# Best Automated Feeding System?



## Afemoralis (Mar 17, 2005)

As a hobby, we've done pretty well at meeting the physiological needs of our frogs. We've even done well at automating light, temperature, and humidity. 

The one thing we haven't really managed adequately is automated feeding. I for one, would love to have a system where I can leave for a while, asking a friend to snap in a new fly culture every week or so.

Fly cultures inside the viv doesn't work that well (..except in a pinch), and is plain ugly. Compost tanks are interesting, but require a serious commitment of tank space and tending to work well.

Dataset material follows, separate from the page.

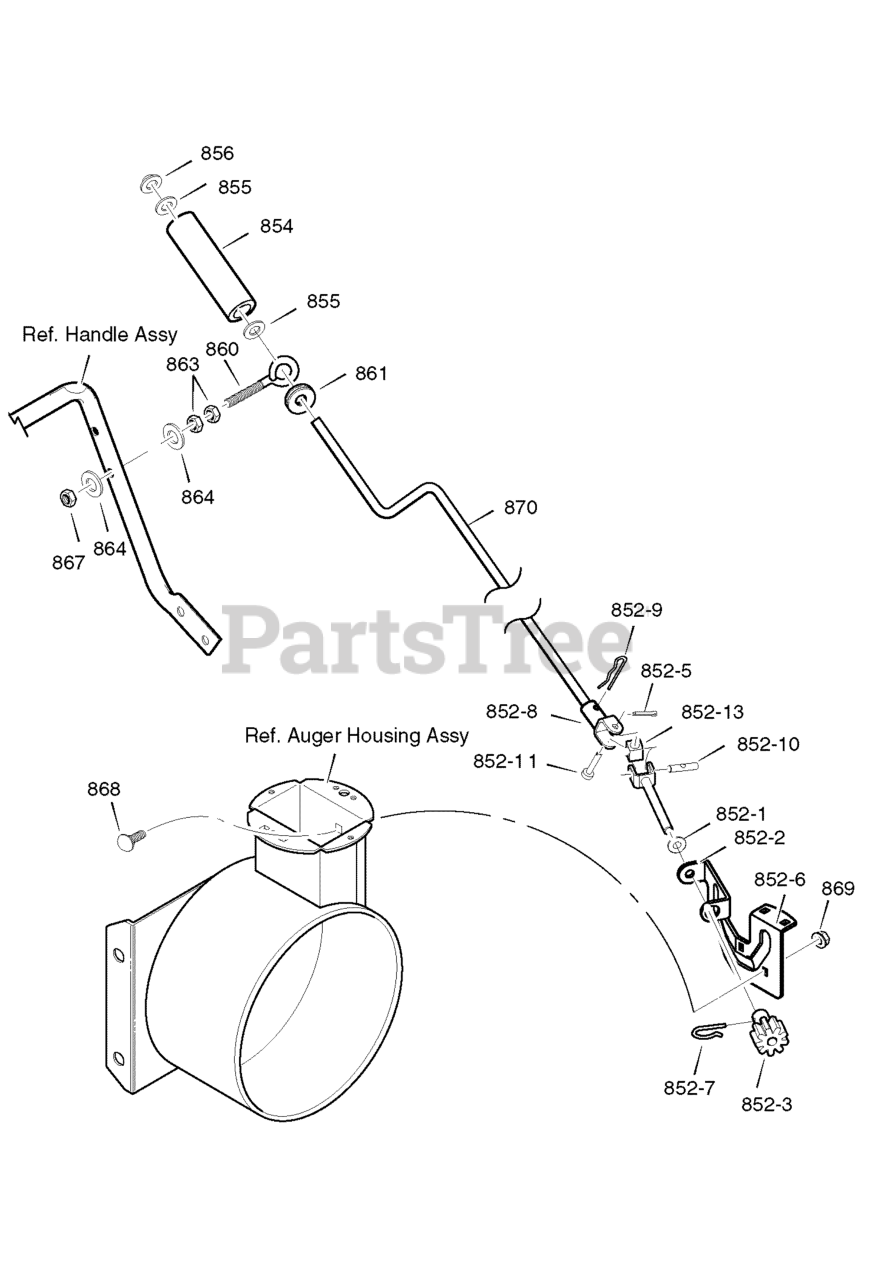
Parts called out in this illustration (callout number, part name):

So... what have you come up with? Has anyone got a system that the rest of the hobby should adopt?

cheers,

Afemoralis


----------



## MrBiggs (Oct 3, 2006)

I've always had an interest in this as well. If anyone has any ideas, even vague ones, please post them!

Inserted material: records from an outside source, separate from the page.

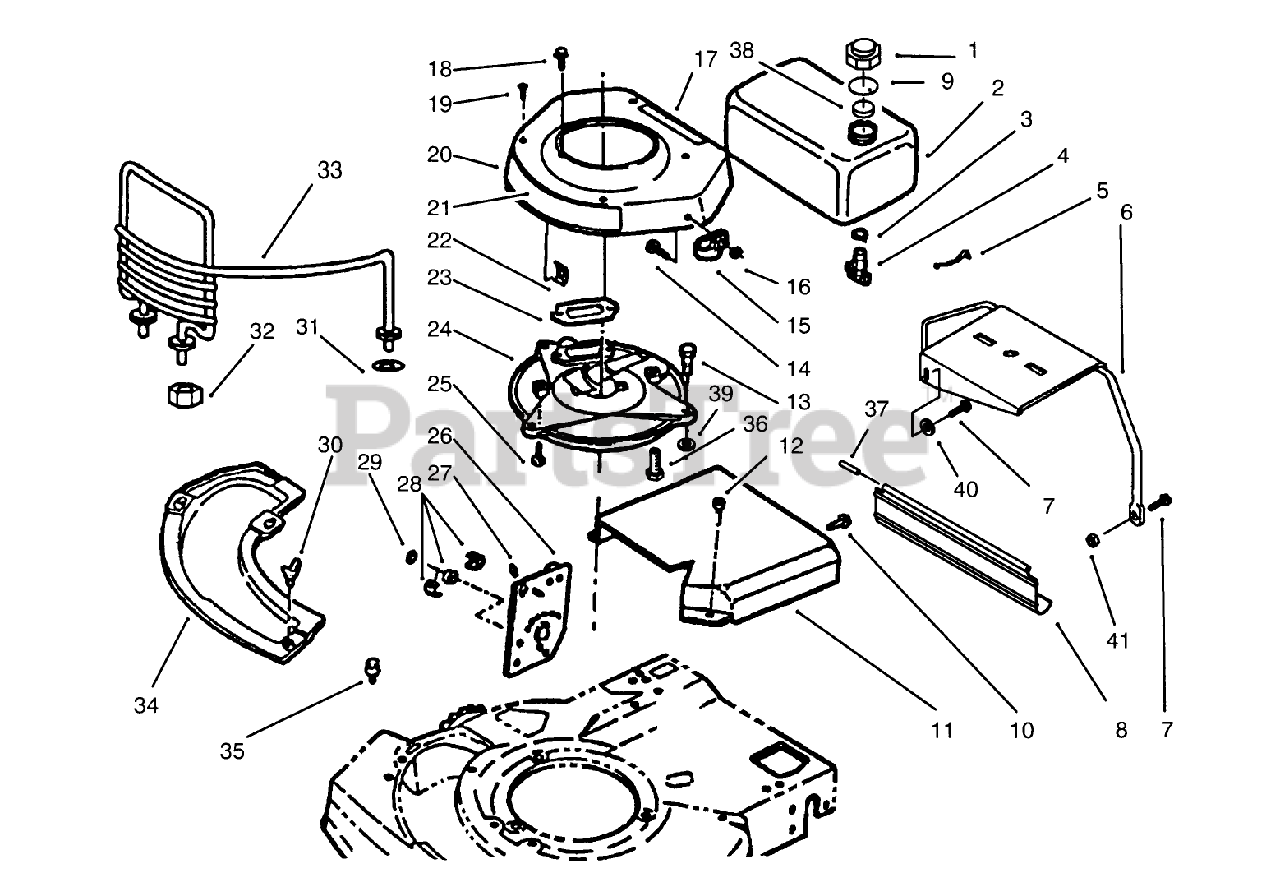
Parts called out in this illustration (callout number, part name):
2	TANK - FUEL
3	CLAMP - HOSE S
4	VALVE&SCREEN SM
6	BRACKET AY-TANK *B
8	SHIELD - TRAILING
9	GASKET S
12	SCREW SEMS TRM HEX HD
14	SCREW-HWH
16	NUT-LOCK, NI
18	SCREW SEMS SM
19	SCREW - SELF TAPPING
22	PUSHNUT F
23	GASKET-EXH. VF
24	MUFFLER PLATE F
25	SCREW V
26	HEIGHT ADJ AY-RH
27	**FITTING LINCOLN
28	REAR AXLE BEARING
32	NUT-LOCK, NI
35	SCREW-SEMS
36	SCREW-SEMS F
38	BAFFLE - FOAM SM
39	WASHER-FLAT
41	NUT-LOCK, NI

I once considered attempting a version of this where the FF's would be cultured in a long rectangular box that was long but as skinny as possible. I thought perhaps it would then be possible to build a plastic rig where it would be attached at the top of the tank. That way it would be less obvious and the flies would just crawl out of the box and fall down.

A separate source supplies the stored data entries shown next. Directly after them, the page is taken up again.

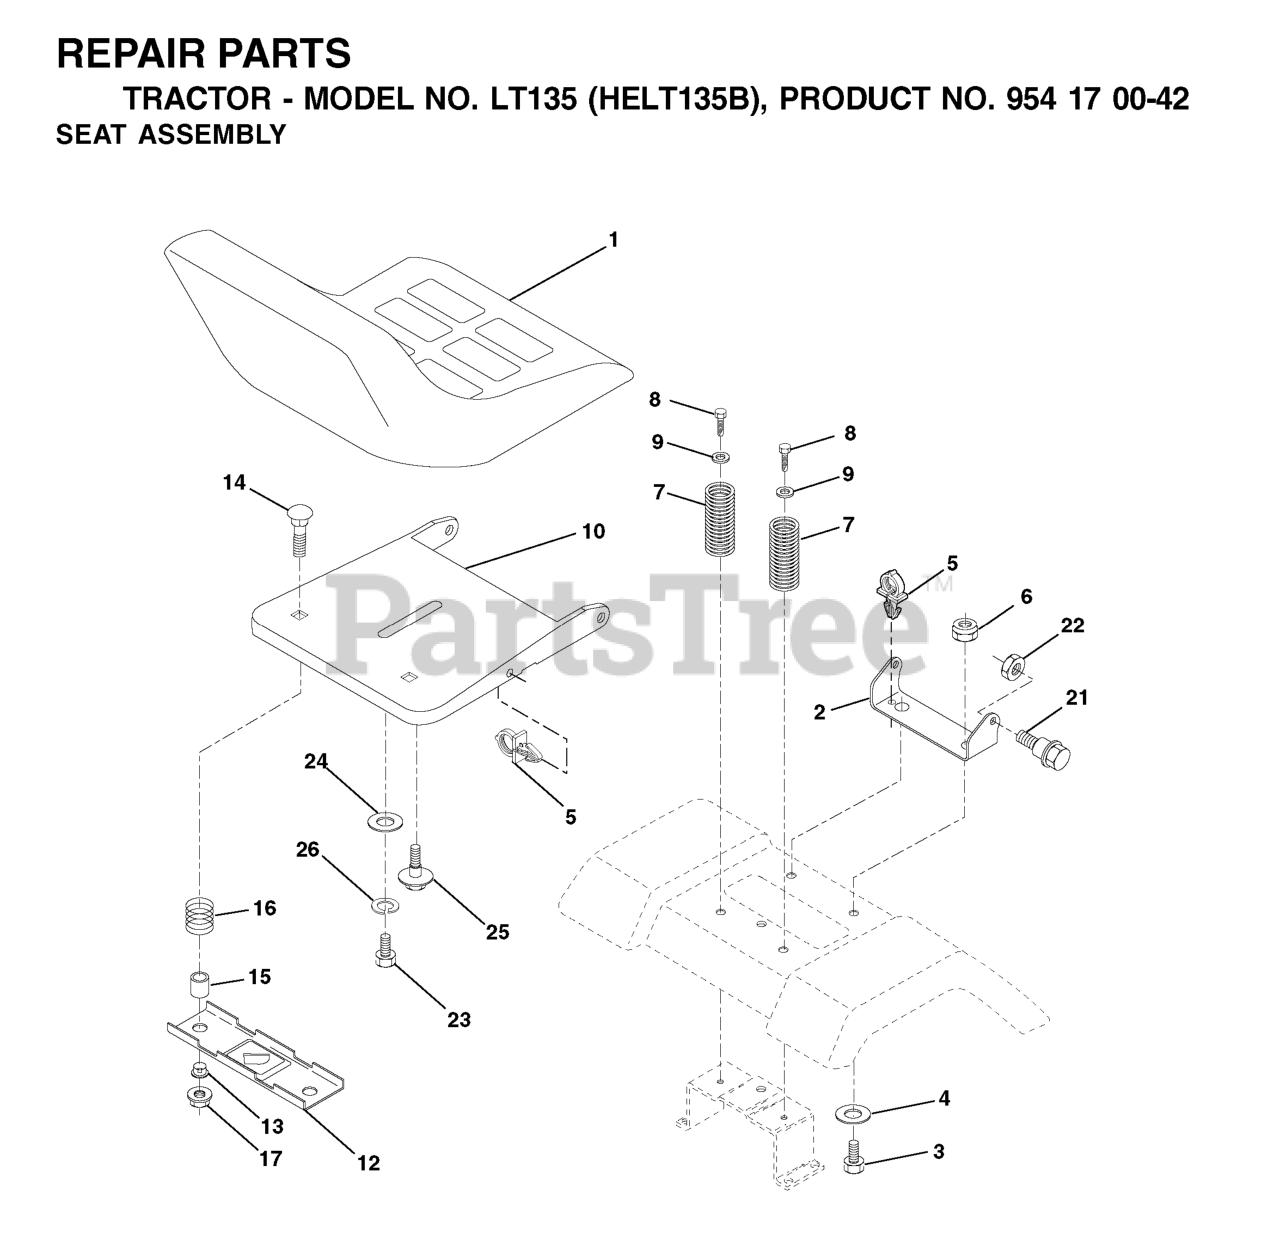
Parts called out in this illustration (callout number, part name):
1	SEAT, GRAY
2	SEAT PIVOT BRKT
3	BOLT, HEX 3/8-16X1
6	NUT
7	SPRING COMPRESSION
8	SCREW 3/8-16X1
9	WASHER
10	PAN, SEAT
12	BRKT SWITCH
14	BOLT.ROUND.HEAD.SQUARE.NECK
15	SPACER SPLIT 28X.96
17	NUT T
21	BOLT.SHOULDER.5/16-18
22	NUT.71038.31-18.HEX.NYLOCK
23	BOLT.HEX.BLACK
25	BOLT,SHOULD
26	LOCKWASHER

The conceptual problem was that there would be no good way to regulate whether the frogs would get enough flies falling down into the tank to eat...


----------



## NDokai (Nov 13, 2009)

I've thought of this idea a few times. I thought of having a main chamber, where extra large fly cultures were contained, with PVC pipes extending from there, to each vivarium on a rack. If you had windows in the black PVC pipe, the flies would likely climb toward the light, especially if it was the main source of light in the apparatus. 
Another component that I thought of incorporating in all of this, is a system where there is a timed distribution of the flies, instead of a steady flow. If you had a valve or valves, on a timer, maybe even a fan as well, this could be done. Similar to an automated sprinkler system. The flies would be waiting in the PVC pipes above the culture chamber, and as often as you would like, the valves would open and the fan would force air toward the vivariums, pushing the flies into the tanks. 
There are still a lot of potential problems to be adressed, but it is a start.
I haven't had the need to try to set something like this up yet.
It would be a lot of work, but could be cool.
Good luck.
Nick


----------



## RMB (Nov 26, 2009)

One idea I had, but haven't followed through on yet:
Since I'm using a 29gal aquarium, with 4" glass strips for a top, I could build a glass box maybe 6"x12"x4"high, with an attached screen bottom, and removable glass top. This would sit on top of the tank, with the screened bottom open to the tank. That would be filled with damp charcoal and springtails. Hopefully what would happen is the springs would reproduce in there, and occasionally some would fall out, or be scared out by stirring the charcoal, without the hassle of removing them from a culture. If too many end up falling out, and it gets depopulated, part of the bottom screen could be covered.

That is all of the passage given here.